**REQUIREMENT**
Transcribe the records exactly from the line with "circle w10: c50,0 r111.8" to the end, both included.

**SUPPLIED RECORDS**
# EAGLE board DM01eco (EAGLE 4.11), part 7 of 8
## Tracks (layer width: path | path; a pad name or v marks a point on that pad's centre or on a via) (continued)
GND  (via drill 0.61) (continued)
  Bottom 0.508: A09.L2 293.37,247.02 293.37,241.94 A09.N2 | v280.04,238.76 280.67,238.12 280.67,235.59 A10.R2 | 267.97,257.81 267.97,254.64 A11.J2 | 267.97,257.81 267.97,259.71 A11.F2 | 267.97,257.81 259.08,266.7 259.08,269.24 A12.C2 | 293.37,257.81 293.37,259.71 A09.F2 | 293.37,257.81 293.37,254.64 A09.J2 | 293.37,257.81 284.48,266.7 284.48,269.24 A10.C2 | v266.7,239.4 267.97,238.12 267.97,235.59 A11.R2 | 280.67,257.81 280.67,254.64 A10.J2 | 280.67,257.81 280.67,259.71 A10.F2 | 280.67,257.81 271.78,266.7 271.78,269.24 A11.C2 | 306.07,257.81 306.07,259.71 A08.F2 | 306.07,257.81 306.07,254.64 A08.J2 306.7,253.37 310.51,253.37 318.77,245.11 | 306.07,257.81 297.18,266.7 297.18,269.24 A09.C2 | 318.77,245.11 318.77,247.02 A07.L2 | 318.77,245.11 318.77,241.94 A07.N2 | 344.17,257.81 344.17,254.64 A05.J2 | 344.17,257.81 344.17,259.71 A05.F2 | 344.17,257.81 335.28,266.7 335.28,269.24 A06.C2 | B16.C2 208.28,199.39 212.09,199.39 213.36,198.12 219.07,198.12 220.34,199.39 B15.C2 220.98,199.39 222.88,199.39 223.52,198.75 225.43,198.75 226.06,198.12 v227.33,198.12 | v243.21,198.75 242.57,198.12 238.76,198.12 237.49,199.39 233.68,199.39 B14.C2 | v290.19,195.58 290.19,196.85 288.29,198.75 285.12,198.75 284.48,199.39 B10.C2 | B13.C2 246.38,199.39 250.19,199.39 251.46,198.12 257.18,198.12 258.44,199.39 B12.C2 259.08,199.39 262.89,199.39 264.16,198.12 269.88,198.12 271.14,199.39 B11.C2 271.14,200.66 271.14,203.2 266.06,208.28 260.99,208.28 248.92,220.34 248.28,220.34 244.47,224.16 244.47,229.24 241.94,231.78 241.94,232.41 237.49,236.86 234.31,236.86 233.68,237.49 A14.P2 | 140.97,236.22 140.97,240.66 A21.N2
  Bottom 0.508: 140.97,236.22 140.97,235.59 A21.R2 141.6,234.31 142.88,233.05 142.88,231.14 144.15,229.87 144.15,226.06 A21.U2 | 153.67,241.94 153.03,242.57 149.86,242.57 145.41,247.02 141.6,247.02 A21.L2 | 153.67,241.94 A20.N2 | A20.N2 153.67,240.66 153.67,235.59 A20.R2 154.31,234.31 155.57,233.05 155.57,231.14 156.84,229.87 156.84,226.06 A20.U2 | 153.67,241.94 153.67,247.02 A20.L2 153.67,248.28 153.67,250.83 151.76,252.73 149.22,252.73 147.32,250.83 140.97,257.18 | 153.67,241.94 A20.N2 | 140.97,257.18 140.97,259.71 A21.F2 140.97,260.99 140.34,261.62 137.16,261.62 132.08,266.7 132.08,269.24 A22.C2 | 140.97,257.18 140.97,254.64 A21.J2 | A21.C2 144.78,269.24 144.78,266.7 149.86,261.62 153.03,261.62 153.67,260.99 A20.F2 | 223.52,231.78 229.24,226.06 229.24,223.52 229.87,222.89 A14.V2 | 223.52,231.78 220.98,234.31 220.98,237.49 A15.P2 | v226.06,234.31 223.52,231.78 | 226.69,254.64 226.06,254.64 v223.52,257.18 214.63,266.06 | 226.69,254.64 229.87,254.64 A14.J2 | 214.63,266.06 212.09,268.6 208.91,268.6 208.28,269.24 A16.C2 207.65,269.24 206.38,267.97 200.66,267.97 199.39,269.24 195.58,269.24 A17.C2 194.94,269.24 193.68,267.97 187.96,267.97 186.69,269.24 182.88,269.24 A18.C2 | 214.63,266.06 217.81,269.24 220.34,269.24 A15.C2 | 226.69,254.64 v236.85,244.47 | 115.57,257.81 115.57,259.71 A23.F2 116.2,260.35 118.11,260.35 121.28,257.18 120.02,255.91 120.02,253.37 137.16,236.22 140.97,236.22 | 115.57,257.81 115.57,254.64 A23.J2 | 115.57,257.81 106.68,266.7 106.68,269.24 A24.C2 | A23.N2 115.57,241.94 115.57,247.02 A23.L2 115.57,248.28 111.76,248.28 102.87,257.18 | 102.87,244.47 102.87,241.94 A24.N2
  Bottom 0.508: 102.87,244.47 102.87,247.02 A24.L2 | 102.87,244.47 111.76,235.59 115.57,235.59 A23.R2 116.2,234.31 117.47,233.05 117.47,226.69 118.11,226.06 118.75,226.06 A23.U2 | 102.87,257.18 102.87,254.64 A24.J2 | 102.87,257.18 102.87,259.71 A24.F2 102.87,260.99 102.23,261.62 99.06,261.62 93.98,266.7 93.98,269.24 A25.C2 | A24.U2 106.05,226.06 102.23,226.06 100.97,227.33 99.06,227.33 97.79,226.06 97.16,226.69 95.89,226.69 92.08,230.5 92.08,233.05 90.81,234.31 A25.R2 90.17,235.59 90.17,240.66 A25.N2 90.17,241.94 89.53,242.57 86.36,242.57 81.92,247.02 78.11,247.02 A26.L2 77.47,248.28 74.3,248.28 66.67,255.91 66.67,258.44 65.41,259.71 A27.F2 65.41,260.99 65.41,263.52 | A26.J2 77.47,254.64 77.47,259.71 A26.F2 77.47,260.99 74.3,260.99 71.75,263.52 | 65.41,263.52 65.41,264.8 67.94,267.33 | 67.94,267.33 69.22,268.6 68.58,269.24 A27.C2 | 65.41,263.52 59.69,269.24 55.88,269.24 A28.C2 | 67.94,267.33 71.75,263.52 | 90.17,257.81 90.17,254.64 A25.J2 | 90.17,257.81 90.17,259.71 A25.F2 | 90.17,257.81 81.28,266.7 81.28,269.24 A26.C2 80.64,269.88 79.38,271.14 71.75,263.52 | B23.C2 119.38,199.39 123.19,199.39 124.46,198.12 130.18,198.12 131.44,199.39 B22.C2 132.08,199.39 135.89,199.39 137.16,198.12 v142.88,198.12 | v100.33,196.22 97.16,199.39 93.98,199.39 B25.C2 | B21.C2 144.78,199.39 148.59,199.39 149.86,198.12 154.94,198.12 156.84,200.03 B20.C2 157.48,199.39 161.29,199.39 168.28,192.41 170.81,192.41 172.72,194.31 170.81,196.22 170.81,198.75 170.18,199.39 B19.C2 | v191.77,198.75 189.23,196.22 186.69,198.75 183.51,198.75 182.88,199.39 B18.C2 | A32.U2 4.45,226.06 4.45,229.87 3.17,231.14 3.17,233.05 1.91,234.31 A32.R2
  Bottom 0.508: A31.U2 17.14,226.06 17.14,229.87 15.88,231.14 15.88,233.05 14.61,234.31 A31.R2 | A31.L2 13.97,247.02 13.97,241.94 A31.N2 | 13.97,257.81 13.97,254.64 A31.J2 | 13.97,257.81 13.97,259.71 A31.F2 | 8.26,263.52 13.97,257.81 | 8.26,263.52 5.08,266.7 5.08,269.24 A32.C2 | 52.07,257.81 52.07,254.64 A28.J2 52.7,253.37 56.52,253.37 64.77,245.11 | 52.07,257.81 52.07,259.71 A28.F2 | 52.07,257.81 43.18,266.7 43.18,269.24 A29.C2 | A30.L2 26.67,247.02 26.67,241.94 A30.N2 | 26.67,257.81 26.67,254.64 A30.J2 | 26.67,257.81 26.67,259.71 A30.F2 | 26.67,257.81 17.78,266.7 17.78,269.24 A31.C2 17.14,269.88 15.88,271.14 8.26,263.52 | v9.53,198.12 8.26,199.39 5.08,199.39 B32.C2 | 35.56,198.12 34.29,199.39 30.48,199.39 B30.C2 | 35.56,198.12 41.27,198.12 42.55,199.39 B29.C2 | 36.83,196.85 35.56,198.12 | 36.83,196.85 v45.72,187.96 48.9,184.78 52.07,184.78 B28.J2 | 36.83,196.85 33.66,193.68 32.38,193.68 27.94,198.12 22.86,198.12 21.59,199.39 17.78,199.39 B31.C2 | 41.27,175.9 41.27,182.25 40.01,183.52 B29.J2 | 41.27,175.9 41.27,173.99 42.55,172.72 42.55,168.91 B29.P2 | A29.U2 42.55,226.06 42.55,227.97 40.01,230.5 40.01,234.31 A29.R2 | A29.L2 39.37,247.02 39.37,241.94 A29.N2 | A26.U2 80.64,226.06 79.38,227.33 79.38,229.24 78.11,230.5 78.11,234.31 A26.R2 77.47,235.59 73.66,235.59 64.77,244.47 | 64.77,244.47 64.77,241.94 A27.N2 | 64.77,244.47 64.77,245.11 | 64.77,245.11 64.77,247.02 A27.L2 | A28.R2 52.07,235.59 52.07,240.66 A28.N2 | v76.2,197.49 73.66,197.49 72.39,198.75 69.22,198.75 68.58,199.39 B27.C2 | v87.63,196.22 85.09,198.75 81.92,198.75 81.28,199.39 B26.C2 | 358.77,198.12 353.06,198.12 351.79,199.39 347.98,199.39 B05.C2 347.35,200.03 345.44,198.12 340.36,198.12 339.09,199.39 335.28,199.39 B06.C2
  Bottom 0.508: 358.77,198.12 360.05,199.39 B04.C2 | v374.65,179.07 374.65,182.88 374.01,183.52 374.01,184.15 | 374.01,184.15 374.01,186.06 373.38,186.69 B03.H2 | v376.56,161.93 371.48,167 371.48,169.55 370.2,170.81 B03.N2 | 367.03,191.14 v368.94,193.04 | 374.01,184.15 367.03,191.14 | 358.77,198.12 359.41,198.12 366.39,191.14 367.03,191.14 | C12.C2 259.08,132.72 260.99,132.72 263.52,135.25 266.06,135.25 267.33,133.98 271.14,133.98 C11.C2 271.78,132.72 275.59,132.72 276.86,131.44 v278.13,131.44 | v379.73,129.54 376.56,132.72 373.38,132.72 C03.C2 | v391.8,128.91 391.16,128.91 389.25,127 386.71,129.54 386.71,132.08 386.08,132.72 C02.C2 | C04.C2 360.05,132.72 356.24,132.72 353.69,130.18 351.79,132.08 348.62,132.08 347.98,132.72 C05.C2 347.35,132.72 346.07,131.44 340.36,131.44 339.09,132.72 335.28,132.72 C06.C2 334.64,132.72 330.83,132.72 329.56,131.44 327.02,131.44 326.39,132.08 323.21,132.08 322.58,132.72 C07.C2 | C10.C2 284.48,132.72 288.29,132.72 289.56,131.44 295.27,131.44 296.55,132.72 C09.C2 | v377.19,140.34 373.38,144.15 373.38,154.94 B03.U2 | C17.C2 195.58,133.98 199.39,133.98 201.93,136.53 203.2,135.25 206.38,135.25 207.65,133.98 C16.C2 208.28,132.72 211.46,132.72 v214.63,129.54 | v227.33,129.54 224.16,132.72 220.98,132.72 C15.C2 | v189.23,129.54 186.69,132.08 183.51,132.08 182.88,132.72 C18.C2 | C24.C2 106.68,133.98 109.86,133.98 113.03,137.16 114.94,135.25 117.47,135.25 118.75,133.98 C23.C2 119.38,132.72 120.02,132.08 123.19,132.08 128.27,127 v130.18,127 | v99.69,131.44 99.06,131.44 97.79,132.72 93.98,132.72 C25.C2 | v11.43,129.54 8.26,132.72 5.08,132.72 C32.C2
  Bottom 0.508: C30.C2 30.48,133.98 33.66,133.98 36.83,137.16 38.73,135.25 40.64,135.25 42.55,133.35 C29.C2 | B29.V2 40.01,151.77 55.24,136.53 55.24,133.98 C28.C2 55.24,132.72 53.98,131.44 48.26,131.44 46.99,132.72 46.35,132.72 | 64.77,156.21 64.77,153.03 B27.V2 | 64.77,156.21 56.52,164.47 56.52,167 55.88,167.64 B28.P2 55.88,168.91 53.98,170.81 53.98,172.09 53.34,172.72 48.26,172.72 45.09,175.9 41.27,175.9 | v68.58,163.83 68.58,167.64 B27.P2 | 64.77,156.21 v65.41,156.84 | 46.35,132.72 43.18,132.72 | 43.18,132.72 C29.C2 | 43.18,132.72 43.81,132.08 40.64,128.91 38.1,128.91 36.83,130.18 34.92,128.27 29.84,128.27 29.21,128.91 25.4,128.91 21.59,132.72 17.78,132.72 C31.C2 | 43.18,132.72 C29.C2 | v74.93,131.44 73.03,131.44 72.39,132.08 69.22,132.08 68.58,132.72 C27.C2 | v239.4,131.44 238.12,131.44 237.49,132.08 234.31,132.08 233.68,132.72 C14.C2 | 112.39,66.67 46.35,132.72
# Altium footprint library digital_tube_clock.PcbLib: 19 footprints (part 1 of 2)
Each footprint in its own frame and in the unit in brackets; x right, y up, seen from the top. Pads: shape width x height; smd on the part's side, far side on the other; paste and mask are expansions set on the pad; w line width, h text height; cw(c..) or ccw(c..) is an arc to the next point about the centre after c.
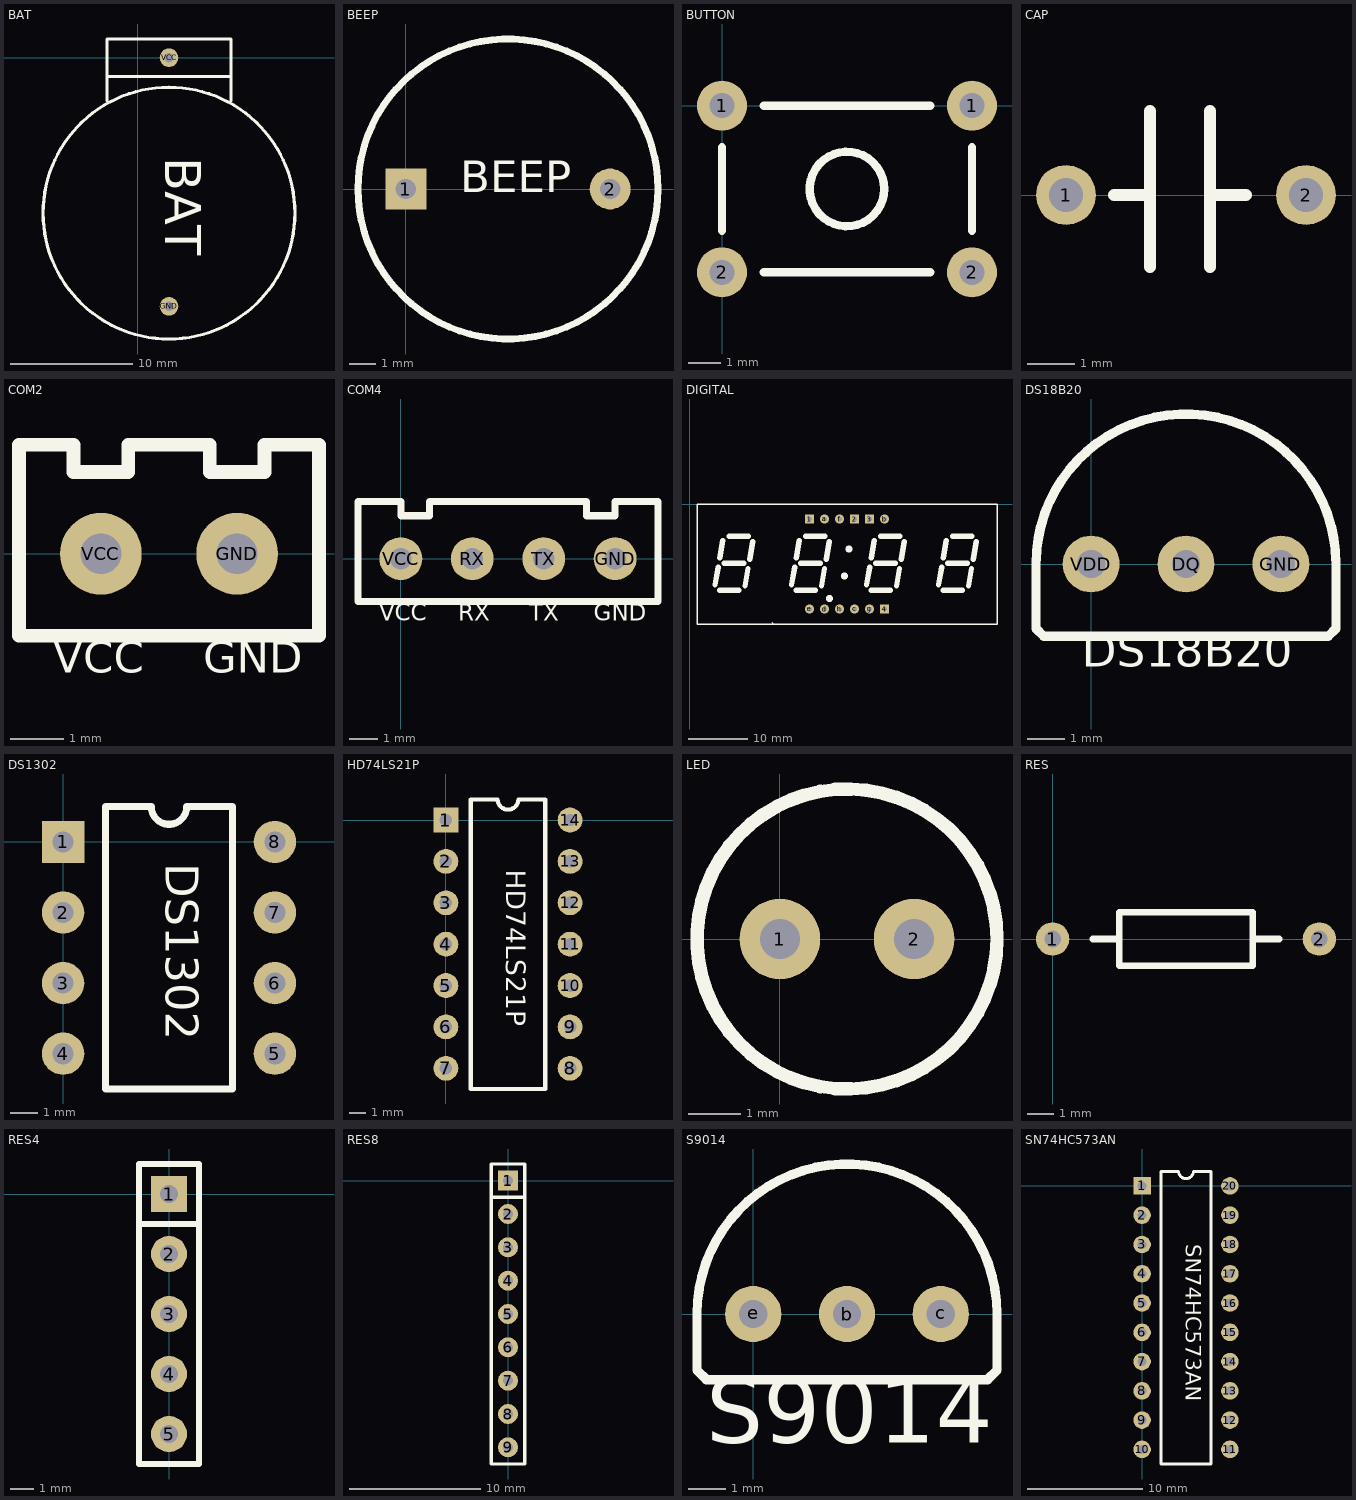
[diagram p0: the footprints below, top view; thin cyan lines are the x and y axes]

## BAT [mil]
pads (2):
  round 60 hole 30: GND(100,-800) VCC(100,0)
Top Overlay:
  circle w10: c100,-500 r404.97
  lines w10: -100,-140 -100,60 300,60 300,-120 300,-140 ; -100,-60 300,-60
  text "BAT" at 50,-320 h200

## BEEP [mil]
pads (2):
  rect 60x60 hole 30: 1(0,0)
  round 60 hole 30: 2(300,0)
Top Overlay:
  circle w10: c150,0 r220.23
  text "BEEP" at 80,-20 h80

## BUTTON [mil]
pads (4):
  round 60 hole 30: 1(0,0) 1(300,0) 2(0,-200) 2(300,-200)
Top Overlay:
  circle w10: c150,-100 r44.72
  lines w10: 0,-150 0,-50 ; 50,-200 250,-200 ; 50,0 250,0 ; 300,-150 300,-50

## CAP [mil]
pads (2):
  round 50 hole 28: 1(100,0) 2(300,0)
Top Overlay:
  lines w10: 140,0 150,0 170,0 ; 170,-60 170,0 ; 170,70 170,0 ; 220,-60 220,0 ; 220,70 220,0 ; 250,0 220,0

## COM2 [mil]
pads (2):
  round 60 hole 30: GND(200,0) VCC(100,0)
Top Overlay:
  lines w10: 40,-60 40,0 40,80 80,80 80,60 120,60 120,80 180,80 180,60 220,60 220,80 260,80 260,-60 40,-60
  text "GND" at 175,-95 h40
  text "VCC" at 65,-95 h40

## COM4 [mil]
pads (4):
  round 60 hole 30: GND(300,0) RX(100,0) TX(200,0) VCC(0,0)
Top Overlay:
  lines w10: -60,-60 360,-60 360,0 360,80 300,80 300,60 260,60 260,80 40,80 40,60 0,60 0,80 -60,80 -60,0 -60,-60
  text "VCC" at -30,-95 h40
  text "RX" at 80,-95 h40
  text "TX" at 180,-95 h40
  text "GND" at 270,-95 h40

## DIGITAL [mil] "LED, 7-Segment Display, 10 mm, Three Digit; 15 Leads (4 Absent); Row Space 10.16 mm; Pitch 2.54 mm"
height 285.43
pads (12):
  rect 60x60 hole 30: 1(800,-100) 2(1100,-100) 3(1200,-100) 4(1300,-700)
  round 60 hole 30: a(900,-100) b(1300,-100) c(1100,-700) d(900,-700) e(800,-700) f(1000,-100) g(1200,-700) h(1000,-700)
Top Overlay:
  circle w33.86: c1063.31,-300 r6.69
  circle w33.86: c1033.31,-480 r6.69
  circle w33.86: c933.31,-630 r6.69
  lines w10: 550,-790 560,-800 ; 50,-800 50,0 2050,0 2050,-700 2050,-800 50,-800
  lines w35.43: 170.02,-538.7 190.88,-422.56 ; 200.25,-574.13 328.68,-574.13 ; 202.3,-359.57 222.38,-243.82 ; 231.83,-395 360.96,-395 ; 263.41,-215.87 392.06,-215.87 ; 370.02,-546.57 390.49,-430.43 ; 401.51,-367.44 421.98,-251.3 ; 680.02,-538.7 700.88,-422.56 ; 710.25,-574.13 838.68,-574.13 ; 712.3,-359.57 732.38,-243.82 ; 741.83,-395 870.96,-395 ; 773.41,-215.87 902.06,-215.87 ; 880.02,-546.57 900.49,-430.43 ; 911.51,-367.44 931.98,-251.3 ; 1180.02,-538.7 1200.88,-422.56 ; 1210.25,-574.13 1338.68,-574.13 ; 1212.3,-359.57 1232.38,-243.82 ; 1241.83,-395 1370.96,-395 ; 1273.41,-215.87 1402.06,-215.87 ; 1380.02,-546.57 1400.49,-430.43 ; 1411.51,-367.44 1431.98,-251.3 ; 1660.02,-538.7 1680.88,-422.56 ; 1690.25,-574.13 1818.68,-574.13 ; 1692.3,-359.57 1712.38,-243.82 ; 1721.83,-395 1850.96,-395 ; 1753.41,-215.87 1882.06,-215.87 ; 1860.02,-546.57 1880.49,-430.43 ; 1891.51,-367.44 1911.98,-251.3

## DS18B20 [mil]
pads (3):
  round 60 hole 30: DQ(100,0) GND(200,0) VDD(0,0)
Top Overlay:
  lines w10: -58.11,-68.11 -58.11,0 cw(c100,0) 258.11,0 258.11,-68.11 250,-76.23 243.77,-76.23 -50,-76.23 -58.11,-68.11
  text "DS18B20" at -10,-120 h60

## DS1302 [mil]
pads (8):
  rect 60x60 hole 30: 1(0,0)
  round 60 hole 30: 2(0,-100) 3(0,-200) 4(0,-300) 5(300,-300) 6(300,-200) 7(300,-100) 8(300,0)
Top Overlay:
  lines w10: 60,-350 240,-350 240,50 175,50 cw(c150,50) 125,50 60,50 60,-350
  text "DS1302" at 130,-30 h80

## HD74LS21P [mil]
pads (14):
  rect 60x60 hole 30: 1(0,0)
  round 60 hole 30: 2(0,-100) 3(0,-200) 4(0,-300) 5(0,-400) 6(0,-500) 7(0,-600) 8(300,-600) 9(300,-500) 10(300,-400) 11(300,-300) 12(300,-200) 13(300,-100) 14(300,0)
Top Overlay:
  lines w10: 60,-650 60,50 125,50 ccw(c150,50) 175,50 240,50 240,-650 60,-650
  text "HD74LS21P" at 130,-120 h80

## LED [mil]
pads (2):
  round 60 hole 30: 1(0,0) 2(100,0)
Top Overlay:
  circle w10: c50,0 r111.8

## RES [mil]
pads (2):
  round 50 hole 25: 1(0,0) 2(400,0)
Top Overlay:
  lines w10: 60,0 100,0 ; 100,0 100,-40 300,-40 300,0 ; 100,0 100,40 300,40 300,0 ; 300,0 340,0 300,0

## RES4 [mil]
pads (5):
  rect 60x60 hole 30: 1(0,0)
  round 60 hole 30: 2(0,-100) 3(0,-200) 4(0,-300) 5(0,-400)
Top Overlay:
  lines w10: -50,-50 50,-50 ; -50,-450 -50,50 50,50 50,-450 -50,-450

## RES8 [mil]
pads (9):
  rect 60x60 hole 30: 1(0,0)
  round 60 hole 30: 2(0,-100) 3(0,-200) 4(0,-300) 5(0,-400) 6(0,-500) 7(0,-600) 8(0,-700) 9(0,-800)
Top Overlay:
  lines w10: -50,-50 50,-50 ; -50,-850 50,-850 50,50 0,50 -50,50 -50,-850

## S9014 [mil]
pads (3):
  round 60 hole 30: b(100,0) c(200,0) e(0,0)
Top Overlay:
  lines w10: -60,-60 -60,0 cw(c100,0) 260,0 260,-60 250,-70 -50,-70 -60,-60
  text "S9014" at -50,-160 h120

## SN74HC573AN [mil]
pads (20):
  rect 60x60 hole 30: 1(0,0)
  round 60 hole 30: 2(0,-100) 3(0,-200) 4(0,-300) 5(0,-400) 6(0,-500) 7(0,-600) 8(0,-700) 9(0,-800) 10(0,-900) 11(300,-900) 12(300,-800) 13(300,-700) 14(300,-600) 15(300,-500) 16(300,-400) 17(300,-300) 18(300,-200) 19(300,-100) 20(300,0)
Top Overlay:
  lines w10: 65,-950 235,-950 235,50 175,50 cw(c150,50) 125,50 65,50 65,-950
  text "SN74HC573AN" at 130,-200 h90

**ANSWER SECTION**
  circle w10: c50,0 r111.8

## RES [mil]
pads (2):
  round 50 hole 25: 1(0,0) 2(400,0)
Top Overlay:
  lines w10: 60,0 100,0 ; 100,0 100,-40 300,-40 300,0 ; 100,0 100,40 300,40 300,0 ; 300,0 340,0 300,0

## RES4 [mil]
pads (5):
  rect 60x60 hole 30: 1(0,0)
  round 60 hole 30: 2(0,-100) 3(0,-200) 4(0,-300) 5(0,-400)
Top Overlay:
  lines w10: -50,-50 50,-50 ; -50,-450 -50,50 50,50 50,-450 -50,-450

## RES8 [mil]
pads (9):
  rect 60x60 hole 30: 1(0,0)
  round 60 hole 30: 2(0,-100) 3(0,-200) 4(0,-300) 5(0,-400) 6(0,-500) 7(0,-600) 8(0,-700) 9(0,-800)
Top Overlay:
  lines w10: -50,-50 50,-50 ; -50,-850 50,-850 50,50 0,50 -50,50 -50,-850

## S9014 [mil]
pads (3):
  round 60 hole 30: b(100,0) c(200,0) e(0,0)
Top Overlay:
  lines w10: -60,-60 -60,0 cw(c100,0) 260,0 260,-60 250,-70 -50,-70 -60,-60
  text "S9014" at -50,-160 h120

## SN74HC573AN [mil]
pads (20):
  rect 60x60 hole 30: 1(0,0)
  round 60 hole 30: 2(0,-100) 3(0,-200) 4(0,-300) 5(0,-400) 6(0,-500) 7(0,-600) 8(0,-700) 9(0,-800) 10(0,-900) 11(300,-900) 12(300,-800) 13(300,-700) 14(300,-600) 15(300,-500) 16(300,-400) 17(300,-300) 18(300,-200) 19(300,-100) 20(300,0)
Top Overlay:
  lines w10: 65,-950 235,-950 235,50 175,50 cw(c150,50) 125,50 65,50 65,-950
  text "SN74HC573AN" at 130,-200 h90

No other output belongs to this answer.